Wyświetl Pojedyńczy Post
Stary 28-02-2014, 21:54   #121
Nortrom
 
Nortrom's Avatar
 
Reputacja: 1 Nortrom ma wspaniałą reputacjęNortrom ma wspaniałą reputacjęNortrom ma wspaniałą reputacjęNortrom ma wspaniałą reputacjęNortrom ma wspaniałą reputacjęNortrom ma wspaniałą reputacjęNortrom ma wspaniałą reputacjęNortrom ma wspaniałą reputacjęNortrom ma wspaniałą reputacjęNortrom ma wspaniałą reputacjęNortrom ma wspaniałą reputację
Krótki sen zdziałał cuda. Podczas wielu lat na szlaku często musiał tak sypiać i był już do tego przyzwyczajony. Nie było to to samo co normalny sen, ale przynajmniej miał wrażenie, że jest wypoczęty.
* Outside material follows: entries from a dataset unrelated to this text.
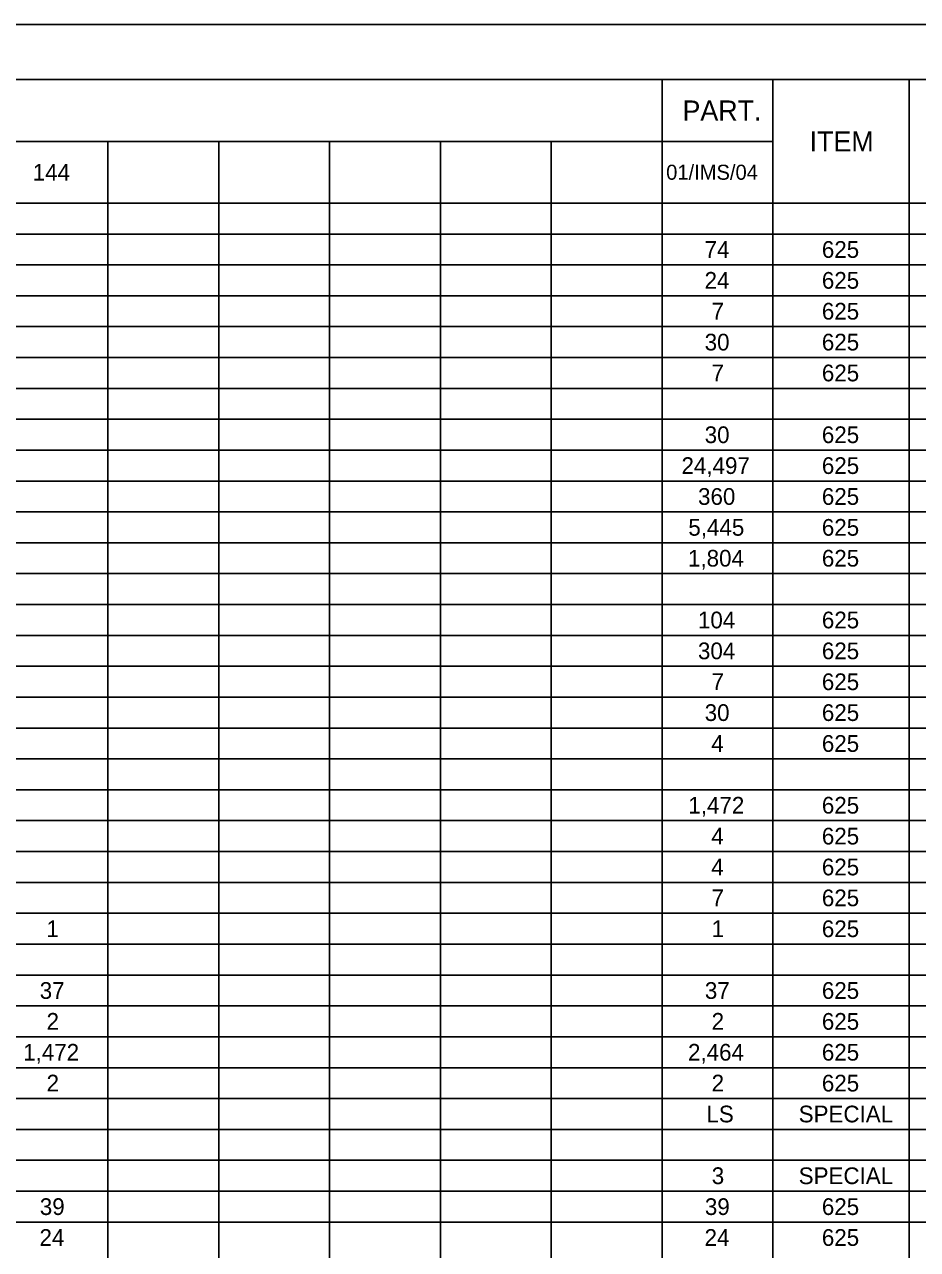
# Model space of a CAD drawing. Extents: x 0 to 34, y 0 to 22.
# Drawn here: x 8.78 to 16.87, y 10.89 to 22 of the extents above; entities that cross this region are included whole.
import ezdxf

# ---------------------------------------------------------------- set-up
doc = ezdxf.new("R2010")
doc.units = 0
for name, color, linetype in [('SH_Border', 7, 'Continuous'), ('SH_Cut_Line', 7, 'Continuous'), ('SH_Text', 7, 'Continuous')]:
    doc.layers.add(name, color=color, linetype=linetype)

msp = doc.modelspace()

# ---------------------------------------------------------------- linework, layer by layer
at = {"layer": 'SH_Border'}
msp.add_lwpolyline([(1.5, 21.5), (33.5, 21.5), (33.5, 0.5), (1.5, 0.5)], close=True, dxfattribs=at)
at = {"layer": 'SH_Cut_Line'}
msp.add_lwpolyline([(0, 0), (34, 0), (34, 22), (0, 22)], close=True, dxfattribs=at)
at = {"layer": 'SH_Text'}
for p, q in [((1.5, 21.5), (32, 21.5)), ((14.56, 21.5), (14.56, 0.5)), ((15.564, 21.5), (15.564, 0.5)), ((16.799, 21.5), (16.799, 0.5)), ((1.5, 20.94), (15.564, 20.94)), ((9.537, 20.94), (9.537, 0.5)), ((10.541, 20.94), (10.541, 0.5)), ((11.546, 20.94), (11.546, 0.5)), ((12.55, 20.94), (12.55, 0.5)), ((13.555, 20.94), (13.555, 0.5)), ((1.5, 20.38), (32, 20.38)), ((1.5, 20.1), (32, 20.1)), ((1.5, 19.82), (32, 19.82)), ((1.5, 19.54), (32, 19.54)), ((1.5, 19.26), (32, 19.26)), ((1.5, 18.98), (32, 18.98)), ((1.5, 18.7), (32, 18.7)), ((1.5, 18.42), (32, 18.42)), ((1.5, 18.14), (32, 18.14)), ((1.5, 17.86), (32, 17.86)), ((1.5, 17.58), (32, 17.58)), ((1.5, 17.3), (32, 17.3)), ((1.5, 17.02), (32, 17.02)), ((1.5, 16.74), (32, 16.74)), ((1.5, 16.46), (32, 16.46)), ((1.5, 16.18), (32, 16.18)), ((1.5, 15.9), (32, 15.9)), ((1.5, 15.62), (32, 15.62)), ((1.5, 15.34), (32, 15.34)), ((1.5, 15.06), (32, 15.06)), ((1.5, 14.78), (32, 14.78)), ((1.5, 14.5), (32, 14.5)), ((1.5, 14.22), (32, 14.22)), ((1.5, 13.94), (32, 13.94)), ((1.5, 13.66), (32, 13.66)), ((1.5, 13.38), (32, 13.38)), ((1.5, 13.1), (32, 13.1)), ((1.5, 12.82), (32, 12.82)), ((1.5, 12.54), (32, 12.54)), ((1.5, 12.26), (32, 12.26)), ((1.5, 11.98), (32, 11.98)), ((1.5, 11.7), (32, 11.7)), ((1.5, 11.42), (32, 11.42)), ((1.5, 11.14), (32, 11.14))]:
    msp.add_line(p, q, dxfattribs=at)

# ---------------------------------------------------------------- texts
for s, height, p in [('PART.', 0.1818, (14.744, 21.129)), ('ITEM', 0.1818, (15.896, 20.849)), ('144', 0.1515, (8.856, 20.584)), ('01/IMS/04', 0.1364, (14.596, 20.592)), ('74', 0.1515, (14.944, 19.884)), ('625', 0.1515, (16.007, 19.884)), ('24', 0.1515, (14.944, 19.604)), ('625', 0.1515, (16.007, 19.604)), ('7', 0.152, (15.007, 19.324)), ('625', 0.1515, (16.007, 19.324)), ('30', 0.1515, (14.945, 19.044)), ('625', 0.1515, (16.007, 19.044)), ('7', 0.152, (15.007, 18.764)), ('625', 0.1515, (16.007, 18.764)), ('30', 0.1515, (14.945, 18.204)), ('625', 0.1515, (16.007, 18.204)), ('24,497', 0.1515, (14.735, 17.924)), ('625', 0.1515, (16.007, 17.924)), ('360', 0.1515, (14.885, 17.644)), ('625', 0.1515, (16.007, 17.644)), ('5,445', 0.1515, (14.797, 17.364)), ('625', 0.1515, (16.007, 17.364)), ('1,804', 0.1515, (14.794, 17.084)), ('625', 0.1515, (16.007, 17.084)), ('104', 0.1515, (14.884, 16.524)), ('625', 0.1515, (16.007, 16.524)), ('304', 0.1515, (14.884, 16.244)), ('625', 0.1515, (16.007, 16.244)), ('7', 0.152, (15.007, 15.964)), ('625', 0.1515, (16.007, 15.964)), ('30', 0.1515, (14.945, 15.684)), ('625', 0.1515, (16.007, 15.684)), ('4', 0.152, (15.005, 15.404)), ('625', 0.1515, (16.007, 15.404)), ('1,472', 0.1515, (14.797, 14.844)), ('625', 0.1515, (16.007, 14.844)), ('4', 0.152, (15.005, 14.564)), ('625', 0.1515, (16.007, 14.564)), ('4', 0.152, (15.005, 14.284)), ('625', 0.1515, (16.007, 14.284)), ('7', 0.152, (15.007, 14.004)), ('625', 0.1515, (16.007, 14.004)), ('1', 0.152, (8.98, 13.724)), ('1', 0.152, (15.008, 13.724)), ('625', 0.1515, (16.007, 13.724)), ('37', 0.1515, (8.919, 13.164)), ('37', 0.1515, (14.947, 13.164)), ('625', 0.1515, (16.007, 13.164)), ('2', 0.152, (8.981, 12.884)), ('2', 0.152, (15.008, 12.884)), ('625', 0.1515, (16.007, 12.884)), ('1,472', 0.1515, (8.769, 12.604)), ('2,464', 0.1515, (14.794, 12.604)), ('625', 0.1515, (16.007, 12.604)), ('2', 0.152, (8.981, 12.324)), ('2', 0.152, (15.008, 12.324)), ('625', 0.1515, (16.007, 12.324)), ('LS', 0.1515, (14.961, 12.044)), ('SPECIAL', 0.1515, (15.797, 12.044)), ('3', 0.152, (15.009, 11.484)), ('SPECIAL', 0.1515, (15.797, 11.484)), ('39', 0.1515, (8.92, 11.204)), ('39', 0.1515, (14.947, 11.204)), ('625', 0.1515, (16.007, 11.204)), ('24', 0.1515, (8.917, 10.924)), ('24', 0.1515, (14.944, 10.924)), ('625', 0.1515, (16.007, 10.924))]:
    msp.add_text(s, height=height, dxfattribs=at).set_placement(p)

doc.saveas('drawing.dxf')

Gdy kompania ruszyła, miał na tyle dobry humor, żeby docenić specyficzne piękno tej krainy. Nie uśmiechał się wyłącznie dlatego, że od pobudki dręczyła go myśl o jego koniu, który pozostał w wiosce. Tradycyjnie nie był przywiązany, ale nigdy nic nie wiadomo. Jeśli coś mu się stanie, będzie to sprawa osobista.

***

Polana wyglądała jak każda inna, ale kamienie były już podejrzane. Wspomnienie kilku spotkań ze zwierzoludźmi wystarczyło, aby wzbudzić jego podejrzenia. Pozostało mieć nadzieję, że nie będą mięli dodatkowego problemu na głowach.
Wygląd ciał sprawił, że porzucił swoje podejrzenia. Zwierzoludzie zjedliby przynajmniej sporą ich część, ale to co zabiło tę dwójkę mogło być gorsze.
-Chroń nas Sigmarze…
Szybko zmówił cichą modlitwę za ich dusze. Gdy skończył, zobaczył biegnącego Ralfa.
-Później tu wrócimy i ich pochowamy, teraz mamy coś pilniejszego do zrobienia.
Nie czekając na niczyją reakcję, ruszył za jedyną osobą, która dobrze znała okolicę. Nie mógł go zgubić, bo podążanie za samym tropem było zbyt wolne.